Excessive costs predicted for
the tunnel projects forced planners to shelve some of the
other Gotthard-related tunnels, says Teuscher. Tunneling,
now beginning on Gotthard itself, is due to end in around
12 years. But the location of the north portal has yet be
to determined. On the twin-tube Lötschberg, only part
of the west bore is under construction. Much of that bore
will be left unequipped for now.
Connecting Frutigen to Raron,
the Lötschberg includes twin bores, except for the northern
few kilometers of the west tube. To function initially with
a single track, the Lötschberg will use a trial tunnel
built five years ago 80 m to one side as the escape route
in that stretch. Elsewhere, escape passages will link the
two main tubes every 330 m.
At BLSA, Teuscher heads 26 people,
relying on outside firms to design, manage and supervise work.

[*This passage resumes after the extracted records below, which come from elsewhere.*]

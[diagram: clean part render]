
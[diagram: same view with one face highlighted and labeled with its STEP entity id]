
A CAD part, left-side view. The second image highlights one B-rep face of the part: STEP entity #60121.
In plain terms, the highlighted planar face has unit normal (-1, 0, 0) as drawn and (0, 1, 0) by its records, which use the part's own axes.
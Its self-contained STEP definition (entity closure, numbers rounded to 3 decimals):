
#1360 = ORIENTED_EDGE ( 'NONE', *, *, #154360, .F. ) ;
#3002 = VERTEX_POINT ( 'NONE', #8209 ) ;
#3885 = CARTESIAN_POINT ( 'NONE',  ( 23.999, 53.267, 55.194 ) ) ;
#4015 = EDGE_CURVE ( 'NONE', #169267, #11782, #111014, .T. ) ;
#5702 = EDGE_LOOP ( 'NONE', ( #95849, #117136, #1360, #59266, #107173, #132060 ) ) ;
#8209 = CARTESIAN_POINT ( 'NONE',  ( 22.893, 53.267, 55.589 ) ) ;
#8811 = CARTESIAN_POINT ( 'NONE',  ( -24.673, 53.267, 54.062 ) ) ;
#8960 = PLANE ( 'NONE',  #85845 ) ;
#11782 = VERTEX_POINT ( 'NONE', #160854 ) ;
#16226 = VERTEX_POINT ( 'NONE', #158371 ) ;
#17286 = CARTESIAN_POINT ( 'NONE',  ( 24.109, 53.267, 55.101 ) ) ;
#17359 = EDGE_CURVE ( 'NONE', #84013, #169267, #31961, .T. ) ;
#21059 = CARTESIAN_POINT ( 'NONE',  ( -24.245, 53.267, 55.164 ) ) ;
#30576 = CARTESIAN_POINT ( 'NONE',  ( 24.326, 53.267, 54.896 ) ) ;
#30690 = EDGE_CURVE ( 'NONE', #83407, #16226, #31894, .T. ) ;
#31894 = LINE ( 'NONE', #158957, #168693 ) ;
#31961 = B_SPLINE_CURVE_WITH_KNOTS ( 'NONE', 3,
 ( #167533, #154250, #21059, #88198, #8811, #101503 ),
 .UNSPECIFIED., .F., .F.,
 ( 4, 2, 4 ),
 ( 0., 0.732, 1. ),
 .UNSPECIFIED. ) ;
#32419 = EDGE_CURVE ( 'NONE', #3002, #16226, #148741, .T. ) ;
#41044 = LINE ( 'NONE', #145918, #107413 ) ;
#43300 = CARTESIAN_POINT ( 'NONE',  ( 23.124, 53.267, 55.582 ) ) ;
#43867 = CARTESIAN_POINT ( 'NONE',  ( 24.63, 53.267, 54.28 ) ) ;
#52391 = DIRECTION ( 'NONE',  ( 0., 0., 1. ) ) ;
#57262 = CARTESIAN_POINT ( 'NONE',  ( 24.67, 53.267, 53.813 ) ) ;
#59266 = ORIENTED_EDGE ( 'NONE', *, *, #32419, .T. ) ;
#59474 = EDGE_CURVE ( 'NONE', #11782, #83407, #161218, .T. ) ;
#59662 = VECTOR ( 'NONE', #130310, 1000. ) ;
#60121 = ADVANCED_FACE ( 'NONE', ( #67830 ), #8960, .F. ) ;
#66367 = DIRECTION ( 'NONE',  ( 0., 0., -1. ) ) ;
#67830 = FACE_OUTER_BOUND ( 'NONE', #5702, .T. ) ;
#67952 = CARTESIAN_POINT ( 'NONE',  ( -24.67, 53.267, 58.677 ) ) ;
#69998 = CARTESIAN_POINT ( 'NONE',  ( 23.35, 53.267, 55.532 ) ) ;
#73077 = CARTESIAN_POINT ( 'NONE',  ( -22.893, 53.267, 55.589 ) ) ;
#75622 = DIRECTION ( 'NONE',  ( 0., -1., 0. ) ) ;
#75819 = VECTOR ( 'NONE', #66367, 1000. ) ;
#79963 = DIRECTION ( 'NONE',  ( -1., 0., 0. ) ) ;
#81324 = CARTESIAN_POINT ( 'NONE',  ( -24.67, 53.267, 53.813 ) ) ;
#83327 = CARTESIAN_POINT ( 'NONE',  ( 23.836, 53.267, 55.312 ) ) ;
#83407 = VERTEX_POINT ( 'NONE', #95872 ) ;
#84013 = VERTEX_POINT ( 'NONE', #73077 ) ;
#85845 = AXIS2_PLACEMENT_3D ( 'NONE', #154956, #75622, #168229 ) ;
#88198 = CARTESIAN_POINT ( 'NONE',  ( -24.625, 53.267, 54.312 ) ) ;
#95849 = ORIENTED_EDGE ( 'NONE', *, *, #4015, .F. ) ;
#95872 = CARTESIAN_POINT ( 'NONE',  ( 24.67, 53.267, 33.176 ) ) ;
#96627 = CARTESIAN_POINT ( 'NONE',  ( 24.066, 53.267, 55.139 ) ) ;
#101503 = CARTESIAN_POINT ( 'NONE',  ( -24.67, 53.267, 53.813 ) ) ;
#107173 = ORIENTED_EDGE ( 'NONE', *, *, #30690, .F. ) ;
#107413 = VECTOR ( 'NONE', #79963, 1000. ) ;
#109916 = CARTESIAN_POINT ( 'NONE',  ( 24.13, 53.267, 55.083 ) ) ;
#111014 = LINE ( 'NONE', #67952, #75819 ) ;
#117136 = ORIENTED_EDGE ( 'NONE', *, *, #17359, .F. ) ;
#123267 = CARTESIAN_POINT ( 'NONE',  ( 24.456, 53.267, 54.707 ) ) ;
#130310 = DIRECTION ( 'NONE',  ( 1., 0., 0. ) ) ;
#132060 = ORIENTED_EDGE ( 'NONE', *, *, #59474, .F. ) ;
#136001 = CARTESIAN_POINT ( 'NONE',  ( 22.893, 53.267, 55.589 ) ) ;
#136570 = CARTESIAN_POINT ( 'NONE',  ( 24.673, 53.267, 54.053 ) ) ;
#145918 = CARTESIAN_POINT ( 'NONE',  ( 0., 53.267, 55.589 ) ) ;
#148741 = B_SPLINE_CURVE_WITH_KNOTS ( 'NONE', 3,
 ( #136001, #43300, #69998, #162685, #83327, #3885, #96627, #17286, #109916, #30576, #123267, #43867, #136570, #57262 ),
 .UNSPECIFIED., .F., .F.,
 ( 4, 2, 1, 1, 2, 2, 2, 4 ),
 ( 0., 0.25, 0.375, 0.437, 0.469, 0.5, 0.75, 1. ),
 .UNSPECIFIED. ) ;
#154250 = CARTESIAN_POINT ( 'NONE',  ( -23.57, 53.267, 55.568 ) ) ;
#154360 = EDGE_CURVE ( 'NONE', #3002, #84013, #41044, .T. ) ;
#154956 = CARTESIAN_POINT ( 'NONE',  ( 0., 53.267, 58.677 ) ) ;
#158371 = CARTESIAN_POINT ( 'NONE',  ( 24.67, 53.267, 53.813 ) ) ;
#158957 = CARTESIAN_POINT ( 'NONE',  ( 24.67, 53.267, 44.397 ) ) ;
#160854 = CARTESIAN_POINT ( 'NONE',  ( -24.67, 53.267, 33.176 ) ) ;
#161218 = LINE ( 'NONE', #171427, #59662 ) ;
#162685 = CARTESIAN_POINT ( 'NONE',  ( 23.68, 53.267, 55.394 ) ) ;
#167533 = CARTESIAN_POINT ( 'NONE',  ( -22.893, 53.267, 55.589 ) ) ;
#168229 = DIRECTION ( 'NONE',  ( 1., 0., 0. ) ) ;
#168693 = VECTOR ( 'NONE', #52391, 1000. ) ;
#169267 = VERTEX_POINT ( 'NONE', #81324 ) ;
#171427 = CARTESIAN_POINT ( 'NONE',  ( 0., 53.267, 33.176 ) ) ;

Designers even provide templates for treating different ground
conditions, such as specifying rock-bolt lengths, says Hufschmied.
His firm is handling all design, along with Ingenieurunternehmung
Bern A.G. preparing. Lötschberg's route came from a "spaghetti
plan" of options, says Hufschmied. Selection criteria
included picking a route of known geology. Some 20 deep cores
formed the basis of the designers' knowledge, helping to calibrate
a "general geological understanding [that] is based on
an extrapolation from the surface, adjusted by data from the
(1913) tunnel," he adds.
Anticipating difficult conditions
in the north, engineers ordered construction of the 9.6-km-long
trial tunnel to probe the rock. With its data, the north drive
from the Mitholz access tunnel poses few uncertainties. But
in the lesser- known twin south drives, engineers suspect
the existence of karsts with water pressurized up to 75 bars.
To find them, work halts every three to four weeks for drillers
to probe 250 m ahead.
The SATCO joint venture has the biggest share of drilling
and blasting. Led by Austria's Strabag A.G., Vienna, and including
Paris-based Vinci Group, Stockholm-based Skanska International
and two local firms, SATCO signed a roughly $360-million contract
in early 2000 for the northern tubes.
Drill/blast is used for all current
tunneling from a point about 10 km from the south portals.
With its use of bolts, mesh and sprayed concrete in amounts
depending on conditions, the technique would be recognized
as the New Austrian Tunneling Method. But the Swiss engineers
eschew that term. Tunnels due to carry traffic in this phase
will be concrete-lined, and the rest will be left with a sprayed
covering.
In 72 months, SATCO must
drive about 8 km of a single tube north of the Mitholz access
to Frutigen. To the south, it will build two 8.7-km tubes
until it meets the oncoming joint venture's drill/blast teams.
Led by Paris-based Bouygues S.A., that joint venture is driving
Lötschberg's central tubes from the Ferden access. Click
here to view map
Working three daily shifts,
SATCO is advancing each face at an average of 10 m per day,
says project manager Wolfgang Lehner. He is pleased with that
rate, considering his teams must travel 2 km underground just
to reach the tunnel. "We have chosen sophisticated equipment
to provide high productivity," says Lehner. Hanging the
entire jumbo backup from the tunnel roof is the most obvious
innovation. "We thought it was necessary to get something
like a TBM backup working in drill and blast to minimize handling
time with the installations," he explains.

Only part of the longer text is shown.